[Start of section]

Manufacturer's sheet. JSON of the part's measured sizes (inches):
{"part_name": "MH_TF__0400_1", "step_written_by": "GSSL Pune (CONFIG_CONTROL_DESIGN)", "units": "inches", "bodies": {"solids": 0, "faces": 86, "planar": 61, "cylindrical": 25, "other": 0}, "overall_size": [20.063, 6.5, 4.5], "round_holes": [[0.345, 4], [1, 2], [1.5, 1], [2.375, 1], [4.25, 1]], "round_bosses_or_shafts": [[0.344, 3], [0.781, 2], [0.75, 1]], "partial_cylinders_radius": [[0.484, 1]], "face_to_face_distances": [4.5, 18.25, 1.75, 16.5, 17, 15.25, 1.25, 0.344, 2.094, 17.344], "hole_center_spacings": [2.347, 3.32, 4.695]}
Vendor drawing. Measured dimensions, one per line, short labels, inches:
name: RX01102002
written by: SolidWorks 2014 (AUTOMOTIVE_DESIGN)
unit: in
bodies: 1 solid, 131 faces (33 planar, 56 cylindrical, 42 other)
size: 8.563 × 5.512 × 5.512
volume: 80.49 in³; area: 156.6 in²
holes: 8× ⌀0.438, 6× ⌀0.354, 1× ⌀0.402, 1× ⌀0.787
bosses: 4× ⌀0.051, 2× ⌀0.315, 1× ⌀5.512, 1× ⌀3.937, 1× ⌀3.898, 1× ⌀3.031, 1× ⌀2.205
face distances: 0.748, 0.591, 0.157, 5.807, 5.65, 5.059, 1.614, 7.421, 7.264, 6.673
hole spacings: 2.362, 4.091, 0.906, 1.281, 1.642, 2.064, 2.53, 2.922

[End of section]

All of the material should be copied verbatim.

→ Output of the task
Manufacturer's sheet. JSON of the part's measured sizes (inches):
{"part_name": "MH_TF__0400_1", "step_written_by": "GSSL Pune (CONFIG_CONTROL_DESIGN)", "units": "inches", "bodies": {"solids": 0, "faces": 86, "planar": 61, "cylindrical": 25, "other": 0}, "overall_size": [20.063, 6.5, 4.5], "round_holes": [[0.345, 4], [1, 2], [1.5, 1], [2.375, 1], [4.25, 1]], "round_bosses_or_shafts": [[0.344, 3], [0.781, 2], [0.75, 1]], "partial_cylinders_radius": [[0.484, 1]], "face_to_face_distances": [4.5, 18.25, 1.75, 16.5, 17, 15.25, 1.25, 0.344, 2.094, 17.344], "hole_center_spacings": [2.347, 3.32, 4.695]}
Vendor drawing. Measured dimensions, one per line, short labels, inches:
name: RX01102002
written by: SolidWorks 2014 (AUTOMOTIVE_DESIGN)
unit: in
bodies: 1 solid, 131 faces (33 planar, 56 cylindrical, 42 other)
size: 8.563 × 5.512 × 5.512
volume: 80.49 in³; area: 156.6 in²
holes: 8× ⌀0.438, 6× ⌀0.354, 1× ⌀0.402, 1× ⌀0.787
bosses: 4× ⌀0.051, 2× ⌀0.315, 1× ⌀5.512, 1× ⌀3.937, 1× ⌀3.898, 1× ⌀3.031, 1× ⌀2.205
face distances: 0.748, 0.591, 0.157, 5.807, 5.65, 5.059, 1.614, 7.421, 7.264, 6.673
hole spacings: 2.362, 4.091, 0.906, 1.281, 1.642, 2.064, 2.53, 2.922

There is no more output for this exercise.